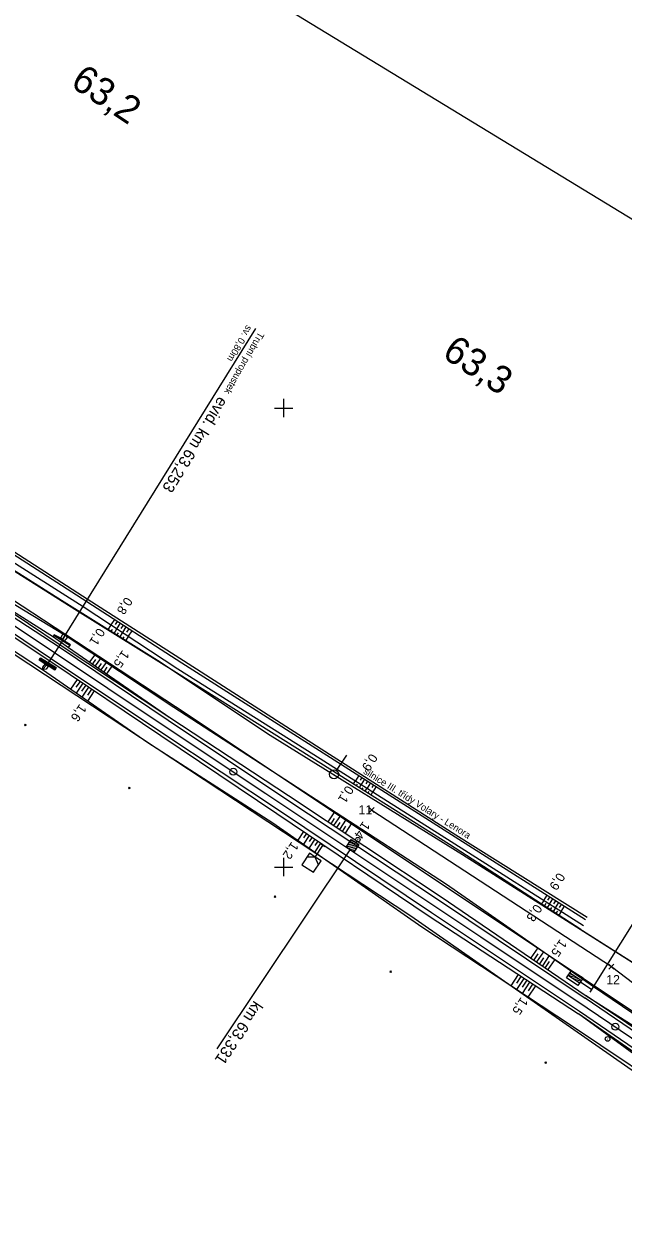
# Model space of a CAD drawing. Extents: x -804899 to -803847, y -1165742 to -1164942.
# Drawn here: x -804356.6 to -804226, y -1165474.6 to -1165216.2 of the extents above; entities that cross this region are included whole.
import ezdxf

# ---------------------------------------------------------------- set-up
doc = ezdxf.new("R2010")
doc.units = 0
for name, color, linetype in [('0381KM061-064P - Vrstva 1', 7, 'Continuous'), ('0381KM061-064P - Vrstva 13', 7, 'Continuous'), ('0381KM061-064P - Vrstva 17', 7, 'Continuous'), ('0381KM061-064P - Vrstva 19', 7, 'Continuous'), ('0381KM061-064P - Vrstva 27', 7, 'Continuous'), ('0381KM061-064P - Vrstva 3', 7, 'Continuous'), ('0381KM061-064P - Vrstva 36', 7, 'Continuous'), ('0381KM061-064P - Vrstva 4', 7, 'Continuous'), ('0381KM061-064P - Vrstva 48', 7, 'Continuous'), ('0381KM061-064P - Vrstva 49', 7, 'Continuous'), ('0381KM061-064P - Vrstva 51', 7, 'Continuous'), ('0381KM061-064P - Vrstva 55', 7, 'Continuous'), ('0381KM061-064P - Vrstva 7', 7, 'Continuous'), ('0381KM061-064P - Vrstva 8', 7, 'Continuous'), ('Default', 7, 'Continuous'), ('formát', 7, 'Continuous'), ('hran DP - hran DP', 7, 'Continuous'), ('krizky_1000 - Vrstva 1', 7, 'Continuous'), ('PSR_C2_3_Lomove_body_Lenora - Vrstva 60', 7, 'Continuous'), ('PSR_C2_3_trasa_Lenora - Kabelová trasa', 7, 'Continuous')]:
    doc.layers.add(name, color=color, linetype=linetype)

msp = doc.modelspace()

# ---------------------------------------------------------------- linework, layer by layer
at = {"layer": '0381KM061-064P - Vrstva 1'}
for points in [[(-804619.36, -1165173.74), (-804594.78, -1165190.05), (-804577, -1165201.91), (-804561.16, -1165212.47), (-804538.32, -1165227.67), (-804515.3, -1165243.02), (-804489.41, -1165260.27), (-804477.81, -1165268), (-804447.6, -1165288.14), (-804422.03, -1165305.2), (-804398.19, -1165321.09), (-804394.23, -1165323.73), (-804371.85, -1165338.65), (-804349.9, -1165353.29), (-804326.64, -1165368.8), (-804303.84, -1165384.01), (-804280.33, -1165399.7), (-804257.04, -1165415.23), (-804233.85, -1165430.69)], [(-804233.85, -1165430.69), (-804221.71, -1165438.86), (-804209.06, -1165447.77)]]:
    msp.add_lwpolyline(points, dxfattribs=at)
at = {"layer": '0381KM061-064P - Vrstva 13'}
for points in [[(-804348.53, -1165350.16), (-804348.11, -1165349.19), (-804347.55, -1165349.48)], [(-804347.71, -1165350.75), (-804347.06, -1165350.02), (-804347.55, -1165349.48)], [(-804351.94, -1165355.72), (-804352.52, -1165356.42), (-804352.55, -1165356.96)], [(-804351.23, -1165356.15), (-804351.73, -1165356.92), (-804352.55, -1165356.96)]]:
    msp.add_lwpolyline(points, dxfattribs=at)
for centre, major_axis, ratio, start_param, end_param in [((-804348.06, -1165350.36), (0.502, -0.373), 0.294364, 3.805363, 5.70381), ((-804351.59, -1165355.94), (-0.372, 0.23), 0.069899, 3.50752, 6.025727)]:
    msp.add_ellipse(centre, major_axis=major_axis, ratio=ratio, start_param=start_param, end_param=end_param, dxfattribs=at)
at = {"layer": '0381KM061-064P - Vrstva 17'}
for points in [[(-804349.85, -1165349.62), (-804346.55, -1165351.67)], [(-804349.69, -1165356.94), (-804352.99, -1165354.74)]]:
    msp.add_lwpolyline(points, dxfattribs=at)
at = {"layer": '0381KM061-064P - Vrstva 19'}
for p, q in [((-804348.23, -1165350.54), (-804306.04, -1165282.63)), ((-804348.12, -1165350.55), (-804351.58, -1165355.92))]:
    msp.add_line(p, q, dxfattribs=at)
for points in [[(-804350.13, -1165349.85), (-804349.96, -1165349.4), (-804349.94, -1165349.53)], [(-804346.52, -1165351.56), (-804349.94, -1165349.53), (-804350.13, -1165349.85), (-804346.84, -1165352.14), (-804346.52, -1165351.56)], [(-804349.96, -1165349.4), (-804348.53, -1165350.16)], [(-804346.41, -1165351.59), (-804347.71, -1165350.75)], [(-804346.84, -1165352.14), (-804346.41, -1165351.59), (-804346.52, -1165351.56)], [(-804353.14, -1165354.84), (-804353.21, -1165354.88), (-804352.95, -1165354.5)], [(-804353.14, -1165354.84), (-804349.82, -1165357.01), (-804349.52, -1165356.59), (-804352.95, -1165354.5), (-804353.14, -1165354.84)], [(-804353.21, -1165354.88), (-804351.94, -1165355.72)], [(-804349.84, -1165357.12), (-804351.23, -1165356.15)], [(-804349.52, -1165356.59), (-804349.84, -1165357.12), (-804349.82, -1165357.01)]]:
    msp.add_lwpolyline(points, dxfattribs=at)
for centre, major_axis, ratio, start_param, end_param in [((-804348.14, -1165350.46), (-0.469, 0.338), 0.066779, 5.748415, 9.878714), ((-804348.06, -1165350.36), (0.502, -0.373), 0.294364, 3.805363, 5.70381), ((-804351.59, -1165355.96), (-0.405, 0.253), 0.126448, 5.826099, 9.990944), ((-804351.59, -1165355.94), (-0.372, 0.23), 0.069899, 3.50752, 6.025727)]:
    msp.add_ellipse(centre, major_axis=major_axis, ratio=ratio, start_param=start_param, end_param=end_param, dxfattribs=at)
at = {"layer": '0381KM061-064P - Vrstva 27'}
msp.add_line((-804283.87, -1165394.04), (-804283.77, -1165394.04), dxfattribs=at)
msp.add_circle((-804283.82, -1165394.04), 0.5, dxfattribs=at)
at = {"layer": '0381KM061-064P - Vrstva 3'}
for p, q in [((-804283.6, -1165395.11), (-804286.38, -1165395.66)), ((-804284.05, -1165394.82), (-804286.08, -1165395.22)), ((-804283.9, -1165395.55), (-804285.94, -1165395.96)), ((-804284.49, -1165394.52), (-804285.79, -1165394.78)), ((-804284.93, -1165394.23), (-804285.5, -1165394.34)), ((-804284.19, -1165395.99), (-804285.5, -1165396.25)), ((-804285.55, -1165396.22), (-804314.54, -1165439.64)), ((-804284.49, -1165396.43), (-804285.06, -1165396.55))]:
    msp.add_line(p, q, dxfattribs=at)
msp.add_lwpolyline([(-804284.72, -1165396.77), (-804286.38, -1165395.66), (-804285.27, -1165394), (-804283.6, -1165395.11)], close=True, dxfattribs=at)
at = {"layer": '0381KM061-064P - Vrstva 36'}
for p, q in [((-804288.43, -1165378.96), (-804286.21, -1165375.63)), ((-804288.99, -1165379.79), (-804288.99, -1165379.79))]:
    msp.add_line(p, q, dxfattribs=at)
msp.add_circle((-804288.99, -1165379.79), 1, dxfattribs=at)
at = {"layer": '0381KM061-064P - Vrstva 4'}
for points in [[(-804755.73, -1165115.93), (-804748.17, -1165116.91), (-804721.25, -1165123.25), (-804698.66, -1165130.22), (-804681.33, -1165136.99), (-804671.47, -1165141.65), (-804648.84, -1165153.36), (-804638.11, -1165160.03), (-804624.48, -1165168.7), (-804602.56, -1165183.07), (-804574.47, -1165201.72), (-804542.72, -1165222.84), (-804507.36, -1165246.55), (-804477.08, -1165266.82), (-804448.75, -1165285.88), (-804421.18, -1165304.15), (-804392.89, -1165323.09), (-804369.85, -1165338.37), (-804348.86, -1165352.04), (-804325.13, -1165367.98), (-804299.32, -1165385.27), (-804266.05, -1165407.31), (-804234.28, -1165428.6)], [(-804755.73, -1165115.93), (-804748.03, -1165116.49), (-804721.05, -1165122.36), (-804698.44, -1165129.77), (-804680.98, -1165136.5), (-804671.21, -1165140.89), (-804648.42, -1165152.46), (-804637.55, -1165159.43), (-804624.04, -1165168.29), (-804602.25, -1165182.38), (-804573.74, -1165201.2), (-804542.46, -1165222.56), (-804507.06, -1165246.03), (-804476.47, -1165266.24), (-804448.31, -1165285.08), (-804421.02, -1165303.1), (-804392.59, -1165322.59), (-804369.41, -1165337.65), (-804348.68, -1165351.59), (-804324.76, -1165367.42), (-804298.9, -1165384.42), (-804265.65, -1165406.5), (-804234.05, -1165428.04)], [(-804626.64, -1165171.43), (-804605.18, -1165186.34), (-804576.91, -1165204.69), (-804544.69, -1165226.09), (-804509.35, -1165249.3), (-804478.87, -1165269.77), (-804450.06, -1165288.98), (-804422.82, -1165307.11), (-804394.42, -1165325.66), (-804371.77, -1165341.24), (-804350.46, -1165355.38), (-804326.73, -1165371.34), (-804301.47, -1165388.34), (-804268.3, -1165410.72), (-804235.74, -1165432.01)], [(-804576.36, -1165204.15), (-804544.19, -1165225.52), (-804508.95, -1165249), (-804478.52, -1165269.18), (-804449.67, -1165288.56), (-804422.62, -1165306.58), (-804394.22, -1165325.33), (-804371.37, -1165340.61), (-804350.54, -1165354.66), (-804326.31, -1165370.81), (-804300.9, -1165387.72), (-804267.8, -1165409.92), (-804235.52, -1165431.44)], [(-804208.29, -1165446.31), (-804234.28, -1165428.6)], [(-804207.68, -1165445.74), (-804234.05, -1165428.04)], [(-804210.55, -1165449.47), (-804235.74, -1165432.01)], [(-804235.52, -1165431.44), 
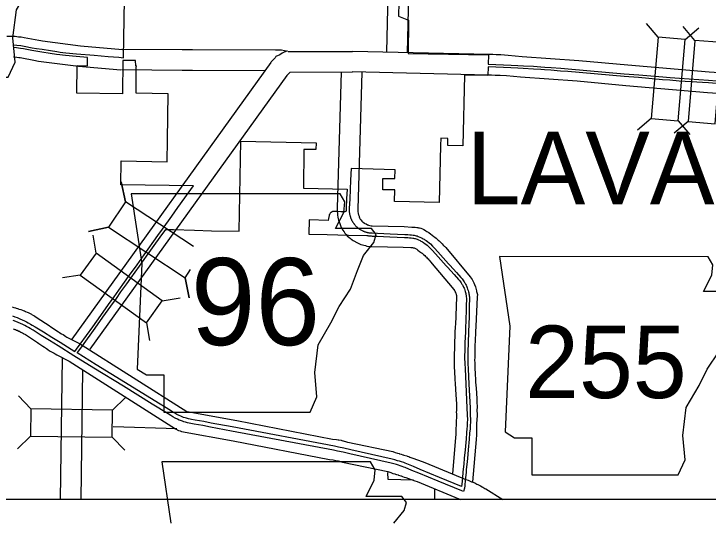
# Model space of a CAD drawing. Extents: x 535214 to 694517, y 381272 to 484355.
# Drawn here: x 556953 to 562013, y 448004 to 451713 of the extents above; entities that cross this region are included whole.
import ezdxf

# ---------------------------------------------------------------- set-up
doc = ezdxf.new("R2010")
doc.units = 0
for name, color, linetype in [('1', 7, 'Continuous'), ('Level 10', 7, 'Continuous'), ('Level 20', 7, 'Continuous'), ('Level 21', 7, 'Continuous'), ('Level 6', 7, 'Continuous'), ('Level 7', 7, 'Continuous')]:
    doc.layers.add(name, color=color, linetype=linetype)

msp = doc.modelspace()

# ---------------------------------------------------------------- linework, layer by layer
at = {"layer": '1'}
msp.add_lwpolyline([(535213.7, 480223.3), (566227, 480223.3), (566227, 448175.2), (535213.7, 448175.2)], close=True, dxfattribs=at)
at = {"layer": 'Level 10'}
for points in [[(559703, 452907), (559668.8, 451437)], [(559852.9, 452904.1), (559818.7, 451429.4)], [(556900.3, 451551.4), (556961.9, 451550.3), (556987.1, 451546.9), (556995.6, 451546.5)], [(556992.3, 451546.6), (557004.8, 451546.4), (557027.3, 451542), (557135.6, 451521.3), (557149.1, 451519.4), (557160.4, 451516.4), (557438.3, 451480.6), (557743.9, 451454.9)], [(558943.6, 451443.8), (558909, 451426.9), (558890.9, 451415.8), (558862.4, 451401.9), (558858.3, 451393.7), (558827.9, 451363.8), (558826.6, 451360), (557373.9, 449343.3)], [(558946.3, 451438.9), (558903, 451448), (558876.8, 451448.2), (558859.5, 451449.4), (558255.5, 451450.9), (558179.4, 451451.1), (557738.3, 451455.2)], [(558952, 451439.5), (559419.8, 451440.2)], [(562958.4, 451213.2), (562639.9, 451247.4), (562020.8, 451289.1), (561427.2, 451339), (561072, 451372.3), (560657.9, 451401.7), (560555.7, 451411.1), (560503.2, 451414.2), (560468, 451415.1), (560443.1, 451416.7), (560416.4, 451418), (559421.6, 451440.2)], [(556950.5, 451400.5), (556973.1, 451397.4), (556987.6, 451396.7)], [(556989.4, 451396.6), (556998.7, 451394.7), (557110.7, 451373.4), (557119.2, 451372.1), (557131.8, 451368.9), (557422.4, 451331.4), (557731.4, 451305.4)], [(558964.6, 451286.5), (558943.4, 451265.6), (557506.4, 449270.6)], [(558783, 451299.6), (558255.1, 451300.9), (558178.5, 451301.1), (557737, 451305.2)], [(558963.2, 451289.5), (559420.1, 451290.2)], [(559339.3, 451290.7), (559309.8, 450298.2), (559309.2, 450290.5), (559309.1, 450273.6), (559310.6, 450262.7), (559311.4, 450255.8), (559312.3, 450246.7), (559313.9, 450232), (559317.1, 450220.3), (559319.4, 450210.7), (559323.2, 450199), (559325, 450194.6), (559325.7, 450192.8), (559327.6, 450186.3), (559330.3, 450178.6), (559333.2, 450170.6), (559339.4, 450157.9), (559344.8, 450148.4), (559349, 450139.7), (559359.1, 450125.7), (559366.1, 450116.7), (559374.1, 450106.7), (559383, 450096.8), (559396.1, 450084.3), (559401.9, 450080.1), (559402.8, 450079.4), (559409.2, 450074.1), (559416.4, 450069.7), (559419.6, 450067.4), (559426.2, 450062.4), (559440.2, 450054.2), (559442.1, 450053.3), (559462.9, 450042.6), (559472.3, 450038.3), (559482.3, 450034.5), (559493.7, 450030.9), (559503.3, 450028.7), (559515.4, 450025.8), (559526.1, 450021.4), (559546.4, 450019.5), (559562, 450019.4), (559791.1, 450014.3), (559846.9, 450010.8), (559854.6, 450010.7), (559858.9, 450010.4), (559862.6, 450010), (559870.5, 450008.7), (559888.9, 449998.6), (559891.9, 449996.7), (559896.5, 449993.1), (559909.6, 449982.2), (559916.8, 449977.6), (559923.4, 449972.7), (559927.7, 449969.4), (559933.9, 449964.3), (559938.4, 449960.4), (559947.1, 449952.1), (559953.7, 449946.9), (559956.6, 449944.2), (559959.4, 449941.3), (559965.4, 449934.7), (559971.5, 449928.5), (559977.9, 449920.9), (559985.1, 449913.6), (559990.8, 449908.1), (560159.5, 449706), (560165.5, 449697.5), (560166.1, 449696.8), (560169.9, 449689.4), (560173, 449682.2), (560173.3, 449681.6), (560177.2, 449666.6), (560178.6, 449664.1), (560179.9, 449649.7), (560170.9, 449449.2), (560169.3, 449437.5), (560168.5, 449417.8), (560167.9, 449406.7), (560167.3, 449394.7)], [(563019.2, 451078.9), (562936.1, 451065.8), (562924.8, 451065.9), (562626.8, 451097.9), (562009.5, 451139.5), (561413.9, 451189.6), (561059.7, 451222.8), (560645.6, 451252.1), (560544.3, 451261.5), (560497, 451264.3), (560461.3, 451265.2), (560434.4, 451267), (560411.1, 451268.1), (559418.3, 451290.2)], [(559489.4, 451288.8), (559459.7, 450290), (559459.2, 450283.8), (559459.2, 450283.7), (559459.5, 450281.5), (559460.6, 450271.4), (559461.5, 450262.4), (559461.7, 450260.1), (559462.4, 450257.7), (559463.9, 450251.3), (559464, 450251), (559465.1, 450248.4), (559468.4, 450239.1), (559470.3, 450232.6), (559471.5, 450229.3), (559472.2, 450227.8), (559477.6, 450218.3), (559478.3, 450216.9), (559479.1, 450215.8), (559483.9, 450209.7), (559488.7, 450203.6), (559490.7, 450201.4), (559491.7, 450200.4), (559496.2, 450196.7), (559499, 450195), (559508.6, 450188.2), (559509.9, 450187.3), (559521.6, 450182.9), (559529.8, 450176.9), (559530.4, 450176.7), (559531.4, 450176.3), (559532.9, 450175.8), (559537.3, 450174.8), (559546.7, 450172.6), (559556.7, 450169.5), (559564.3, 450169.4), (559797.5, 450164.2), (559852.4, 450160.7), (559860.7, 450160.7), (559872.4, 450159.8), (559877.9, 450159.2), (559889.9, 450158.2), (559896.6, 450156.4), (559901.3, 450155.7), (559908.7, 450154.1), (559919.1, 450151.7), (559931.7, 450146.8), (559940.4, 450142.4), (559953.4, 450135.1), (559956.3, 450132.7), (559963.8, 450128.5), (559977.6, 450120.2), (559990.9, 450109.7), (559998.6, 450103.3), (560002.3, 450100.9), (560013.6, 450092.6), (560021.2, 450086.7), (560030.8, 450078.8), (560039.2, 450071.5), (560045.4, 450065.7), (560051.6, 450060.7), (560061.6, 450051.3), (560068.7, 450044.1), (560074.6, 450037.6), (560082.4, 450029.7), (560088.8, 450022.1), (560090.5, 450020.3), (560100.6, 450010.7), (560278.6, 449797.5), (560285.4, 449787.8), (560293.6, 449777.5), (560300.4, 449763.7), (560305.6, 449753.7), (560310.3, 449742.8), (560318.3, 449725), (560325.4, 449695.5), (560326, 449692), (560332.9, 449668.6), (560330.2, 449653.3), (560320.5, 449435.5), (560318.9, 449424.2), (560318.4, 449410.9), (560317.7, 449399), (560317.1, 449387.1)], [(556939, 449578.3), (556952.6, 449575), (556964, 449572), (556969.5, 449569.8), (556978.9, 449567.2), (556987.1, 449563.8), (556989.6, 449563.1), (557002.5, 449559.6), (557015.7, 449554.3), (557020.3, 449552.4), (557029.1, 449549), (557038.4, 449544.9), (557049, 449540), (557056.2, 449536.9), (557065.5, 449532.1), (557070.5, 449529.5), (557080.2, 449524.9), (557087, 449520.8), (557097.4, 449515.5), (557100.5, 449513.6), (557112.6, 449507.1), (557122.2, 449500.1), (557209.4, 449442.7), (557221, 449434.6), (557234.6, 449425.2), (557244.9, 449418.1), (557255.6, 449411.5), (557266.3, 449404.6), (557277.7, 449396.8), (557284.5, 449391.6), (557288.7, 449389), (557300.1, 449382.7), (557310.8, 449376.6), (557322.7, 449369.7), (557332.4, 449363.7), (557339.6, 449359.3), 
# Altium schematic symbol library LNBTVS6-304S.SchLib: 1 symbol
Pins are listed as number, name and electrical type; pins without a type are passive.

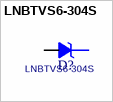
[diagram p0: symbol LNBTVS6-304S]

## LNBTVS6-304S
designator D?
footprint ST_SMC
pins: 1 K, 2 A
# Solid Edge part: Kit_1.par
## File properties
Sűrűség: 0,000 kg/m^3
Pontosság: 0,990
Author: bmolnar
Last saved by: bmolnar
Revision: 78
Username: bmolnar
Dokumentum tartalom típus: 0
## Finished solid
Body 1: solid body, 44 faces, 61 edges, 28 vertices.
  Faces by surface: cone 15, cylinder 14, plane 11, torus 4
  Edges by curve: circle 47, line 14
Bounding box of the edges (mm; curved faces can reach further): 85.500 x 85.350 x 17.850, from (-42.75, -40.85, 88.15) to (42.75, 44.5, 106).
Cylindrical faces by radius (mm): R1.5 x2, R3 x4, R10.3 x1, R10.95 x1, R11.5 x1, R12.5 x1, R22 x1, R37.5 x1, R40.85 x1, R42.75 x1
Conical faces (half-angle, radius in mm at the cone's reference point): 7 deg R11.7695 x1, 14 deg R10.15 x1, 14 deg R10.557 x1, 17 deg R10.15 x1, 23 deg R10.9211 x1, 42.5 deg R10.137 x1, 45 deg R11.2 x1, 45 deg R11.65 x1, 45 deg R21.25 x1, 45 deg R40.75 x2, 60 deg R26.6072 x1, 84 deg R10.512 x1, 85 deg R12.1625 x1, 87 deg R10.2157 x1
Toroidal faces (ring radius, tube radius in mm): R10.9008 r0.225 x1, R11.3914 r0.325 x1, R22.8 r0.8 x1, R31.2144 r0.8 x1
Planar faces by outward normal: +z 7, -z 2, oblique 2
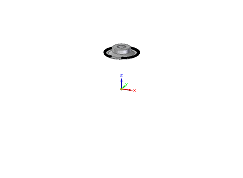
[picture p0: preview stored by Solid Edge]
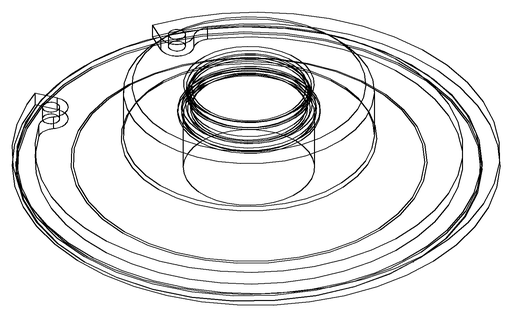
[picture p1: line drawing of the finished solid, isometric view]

━━━━━━━━━━━━━━━━

[EXERCISE DIRECTIONS]:
Identify and extract each line of the listing that contains "pins".

[YOUR RESPONSE]:
Pins are listed as number, name and electrical type; pins without a type are passive.
pins: 1 K, 2 A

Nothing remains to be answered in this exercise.